Coming off his latest release Delusions Of Grandeur release we wanted to take a minute to sync up with Berlin-based producer, Westcoast Goddess. Here we got an inside take on his production process, and got to know a little more about this talented artist.

Interview With Westcoast Goddess

1.) Thanks for talking to us today. You are soon to release your ‘The Soul’s return EP’ on Delusions of Grandeur. Can you tell how you hooked up with the label?

Hey thanks for the invitation! I’ve been an admirer of Jamie’s for a good while and had spoken to him a couple of times before cus he really liked Life Review. I had a feeling he might like these two tunes I had just finished that day and he did cus he signed them immediately. Then I stayed up all that night and made what then became the final track, so a pretty fortuitous 48 hours.

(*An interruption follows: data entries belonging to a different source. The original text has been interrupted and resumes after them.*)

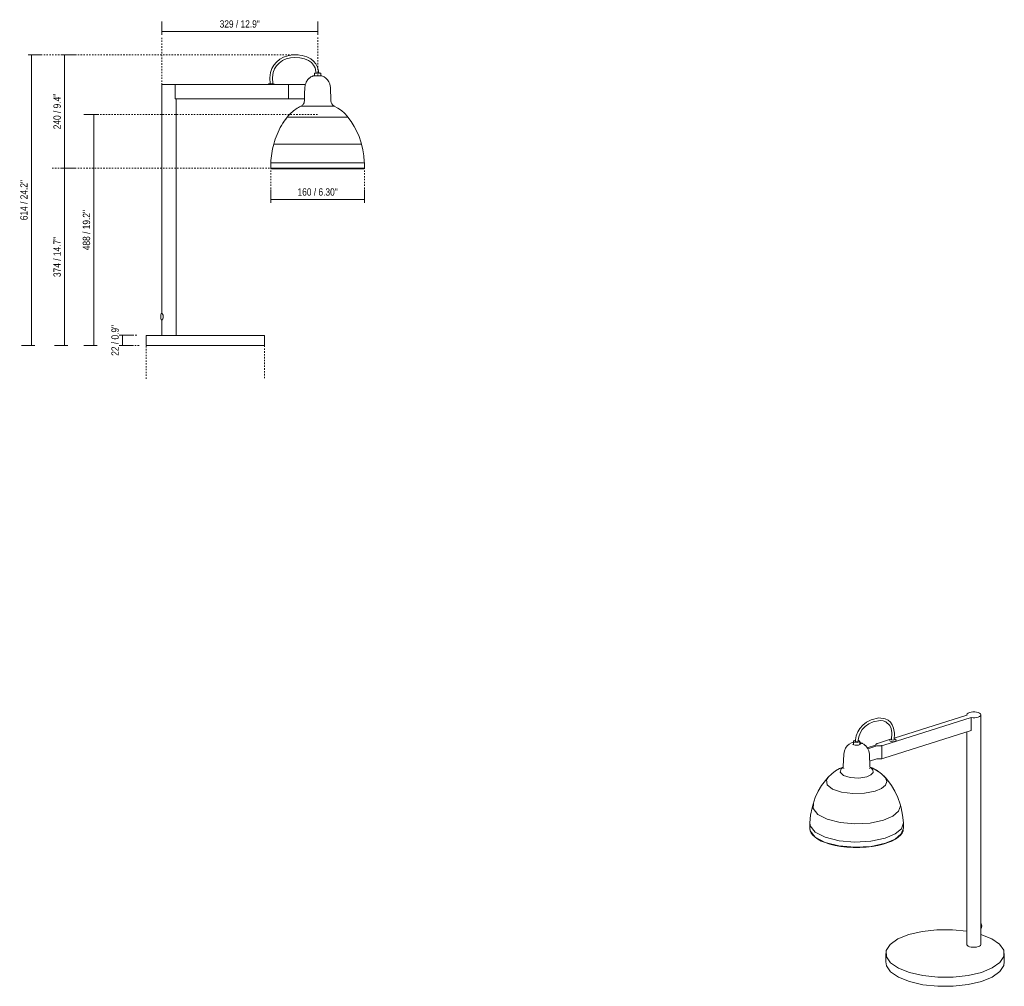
# Model space of a CAD drawing. Header units: millimetres. Extents: x -3742 to -1665, y -1353 to 6929.
# Tile 1 of 2: x -3742 to -1665, y -1353 to 688. Entities that reach past the tile are written whole.
import ezdxf

# ---------------------------------------------------------------- set-up
doc = ezdxf.new("R2010")
doc.units = ezdxf.units.MM
doc.linetypes.add('Dash', pattern=[6, 3, -3])
for name, color, linetype, lineweight in [('Cotas', 7, 'Continuous', 9), ('Cotas-7', 7, 'Continuous', 9), ('Luminarias', 7, 'Continuous', 20)]:
    doc.layers.add(name, color=color, linetype=linetype, lineweight=lineweight)
doc.layers.add('Lighthing Fixture Dim Grey Dash', color=7, linetype='Dash', lineweight=9, true_color=0xd2d2d2)
doc.styles.add('Arial Narrow', font='ARIALN.TTF', dxfattribs={"height": 15.4})
doc.styles.add('Arial Narrow_1', font='ARIALN.TTF', dxfattribs={"height": 15.4})
doc.dimstyles.new('FARO_-_2_2mm_Arial_Narrow_mm_Inch_Right', dxfattribs={"dimscale": 304.8, "dimtxt": 15.760837, "dimasz": 0, "dimexe": 0.068898, "dimexo": 0.0625, "dimgap": 0.011483, "dimtad": 1, "dimdec": 0, "dimzin": 0, "dimdsep": 46, "dimtxsty": 'Arial Narrow', "dimblk1": 'NONE', "dimblk2": 'NONE', "dimsah": 1, "dimcen": 0.09, "dimadec": 0, "dimazin": 0, "dimtfac": 1, "dimtdec": 4, "dimtix": 1, "dimtmove": 0, "dimatfit": 3, "dimfxl": 0.022966, "dimfxlon": 1, "dimtvp": 1, "dimtolj": 1, "dimtzin": 0, "dimarcsym": 2})
doc.dimstyles.new('FARO_-_2_2mm_Arial_Narrow_mm_Inch_Right_1', dxfattribs={"dimscale": 304.8, "dimtxt": 15.760837, "dimasz": 0, "dimexe": 0.068898, "dimexo": 0.0625, "dimgap": 0.011483, "dimtad": 1, "dimdec": 0, "dimzin": 0, "dimdsep": 46, "dimtxsty": 'Arial Narrow_1', "dimblk1": 'NONE', "dimblk2": 'NONE', "dimsah": 1, "dimcen": 0.09, "dimadec": 0, "dimazin": 0, "dimtfac": 1, "dimtdec": 4, "dimtix": 1, "dimtmove": 0, "dimatfit": 3, "dimfxl": 0.022966, "dimfxlon": 1, "dimtvp": 1, "dimtolj": 1, "dimtzin": 0, "dimarcsym": 2})

# ---------------------------------------------------------------- blocks, each defined once
blk = doc.blocks.new('64276-111 - 64276-111 VENICE White table lamp-477915-Alzado_PDF')
at = {"layer": 'Luminarias'}
for p, q in [((-3121.4, 569.8), (-3120.6, 569.8)), ((-3120.6, 575.2), (-3120.6, 569.7)), ((-3107.1, 575.2), (-3120.6, 575.2)), ((-3107.1, 569.7), (-3107.1, 575.2)), ((-3105, 569.8), (-3104.6, 569.7)), ((-3442.5, 551), (-3442.5, 521)), ((-3414.5, 551), (-3442.5, 551)), ((-3414.5, 551), (-3180.5, 551)), ((-3414.5, 521), (-3414.5, 551)), ((-3207.1, 553), (-3214.6, 553)), ((-3210.8, 551), (-3210.9, 551)), ((-3180.5, 551), (-3175.5, 551)), ((-3175.5, 521), (-3175.5, 551)), ((-3166, 551), (-3139.7, 551)), ((-3085.8, 516.5), (-3086.8, 545.3)), ((-3442.5, 521), (-3442.5, 68.6)), ((-3180.5, 521), (-3414.5, 521)), ((-3412.5, 21), (-3412.5, 521)), ((-3175.5, 521), (-3180.5, 521)), ((-3141.4, 521), (-3166, 521)), ((-3113.8, 505.8), (-3148.9, 505.8)), ((-3078.5, 505.8), (-3113.8, 505.8)), ((-3113.8, 482.5), (-3177.8, 482.5)), ((-3049.7, 482.5), (-3113.8, 482.5)), ((-3113.8, 425.4), (-3206.2, 425.4)), ((-3021.3, 425.4), (-3113.8, 425.4)), ((-3206.4, 374.3), (-3212.6, 374.3)), ((-3212.4, 386), (-3113.8, 386)), ((-3113.8, 374.3), (-3206.4, 374.3)), ((-3113.8, 386), (-3015.1, 386)), ((-3014.8, 374.3), (-3113.8, 374.3)), ((-3014.8, 374.3), (-3015.1, 386)), ((-3210.9, 373.3), (-3211.3, 373.3)), ((-3444.5, 64.8), (-3444.5, 57.3)), ((-3442.5, 53.5), (-3442.5, 21)), ((-3475.5, 21), (-3475.5, 0)), ((-3225.5, 21), (-3475.5, 21)), ((-3225.5, 0), (-3225.5, 21)), ((-3475.5, 0), (-3225.5, 0))]:
    blk.add_line(p, q, dxfattribs=at)
at = {"layer": 'Luminarias', "flags": 128}
for points in [[(-3213.7, 553), (-3214.3, 565.6), (-3212.9, 576.7), (-3210.1, 585.3), (-3206.1, 592.2), (-3200.6, 598.5), (-3193.5, 604.4), (-3185.6, 608.8), (-3176.9, 611.9), (-3167.5, 613.6), (-3157.2, 613.9), (-3146.1, 612.6), (-3136.3, 609.7), (-3128.3, 605.7), (-3122.1, 600.6), (-3117.3, 594.6), (-3114, 587.8), (-3111.9, 580.1), (-3111.5, 575.2)], [(-3208.2, 553), (-3208.8, 565.9), (-3207.3, 576.5), (-3204.5, 584.3), (-3200.5, 590.5), (-3194.8, 596.4), (-3187.6, 601.6), (-3179.9, 605.2), (-3171.3, 607.5), (-3161.9, 608.4), (-3151.4, 607.9), (-3141.3, 605.7), (-3133.1, 602.2), (-3126.9, 597.6), (-3122.4, 592.2), (-3119.2, 586.1), (-3117.3, 578.9), (-3117, 575.2)], [(-3113.8, 569.8), (-3116.5, 569.8), (-3119, 569.8), (-3121, 569.8), (-3121.4, 569.8)], [(-3105, 569.8), (-3105.4, 569.8), (-3106.7, 569.8), (-3108.8, 569.8), (-3111.3, 569.8), (-3113.8, 569.8)], [(-3107.1, 569.8), (-3106.6, 569.8), (-3105.3, 569.8), (-3105, 569.8)], [(-3104.6, 569.7), (-3100.2, 567.6), (-3096.1, 564.8), (-3092.7, 561.2), (-3090, 557.1), (-3088.1, 552.5), (-3087, 547.7), (-3086.8, 545.3)], [(-3218.3, 551), (-3216.4, 552.4), (-3214.6, 553)], [(-3207.1, 553), (-3204.8, 552.2), (-3203.3, 551)], [(-3140.6, 545.3), (-3141.1, 530.9), (-3141.6, 516.5)], [(-3085.8, 516.5), (-3085.3, 513.2), (-3083.8, 510.3), (-3081.7, 507.8), (-3078.9, 506), (-3078.5, 505.8)], [(-3078.5, 505.8), (-3070.8, 501.4), (-3063.6, 496.3), (-3056.9, 490.4), (-3050.8, 483.9), (-3049.7, 482.5)], [(-3049.7, 482.5), (-3042.7, 472.9), (-3036.5, 462.8), (-3031, 452.3), (-3026.4, 441.4), (-3022.6, 430.2), (-3021.3, 425.4)], [(-3021.3, 425.4), (-3018.4, 413.3), (-3016.3, 400.9), (-3015.2, 388.5), (-3015.1, 386)], [(-3212.4, 386), (-3212.5, 382.6), (-3212.6, 379.3)], [(-3014.8, 374.3), (-3015.2, 373.5), (-3015.8, 373.3)], [(-3211.3, 373.3), (-3210, 373.3), (-3207.8, 373.3), (-3204.8, 373.3), (-3200.9, 373.3), (-3196.1, 373.3), (-3190.7, 373.3), (-3184.5, 373.3), (-3177.6, 373.3), (-3170.2, 373.3), (-3162.3, 373.3), (-3153.9, 373.3), (-3145.1, 373.3), (-3136, 373.3), (-3126.8, 373.3), (-3117.4, 373.3), (-3113.8, 373.3)], [(-3113.8, 373.3), (-3104.4, 373.3), (-3095.1, 373.3), (-3085.9, 373.3), (-3077, 373.3), (-3068.5, 373.3), (-3060.3, 373.3), (-3052.7, 373.3), (-3045.6, 373.3), (-3039.2, 373.3), (-3033.4, 373.3), (-3028.4, 373.3), (-3024.2, 373.3), (-3020.8, 373.3), (-3018.3, 373.3), (-3016.6, 373.3), (-3015.8, 373.3), (-3015.8, 373.3)], [(-3015.8, 373.3), (-3016.2, 373.3), (-3017.1, 373.3)], [(-3444.5, 64.8), (-3443.7, 67), (-3442.5, 68.6)], [(-3442.5, 53.5), (-3443.9, 55.4), (-3444.5, 57.3)]]:
    blk.add_lwpolyline(points, dxfattribs=at)
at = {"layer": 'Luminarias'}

2.) Westcoast Goddess – any California connections? What inspired you to choose this moniker?

No. The name just felt right intuitively for the project and what I wanted to express thematically and matched the feeling and energy of the music. I was reading a lot of West Coast Californian new age books at a certain time and the theme of the project is the return to joy, wholeness and the inner imp after the pain of fragmentation, alienation and fear.  If I want to communicate anything to anyone it is that deep psychological suffering does not last forever although it may seem endless and that your true self is loving, joyful forgiving and real (and I’m pretty sure eternal).

3.) What can you tell us about this release? what was your production process for the tracks?

I made all these tracks in 2 days using Cubase and some soft synths. For the A1 I wanted to make something as simple and direct as a classic 80s R&B joint that had a tight groove, so I just messed around a bit on the Cubase piano over a beat and came up with the chord loop then added the synth bass line off the Tal Uno then the strings and finally the vocal. From there the tune just seemed to write itself. It was the same for the other two tunes everything just fell into place.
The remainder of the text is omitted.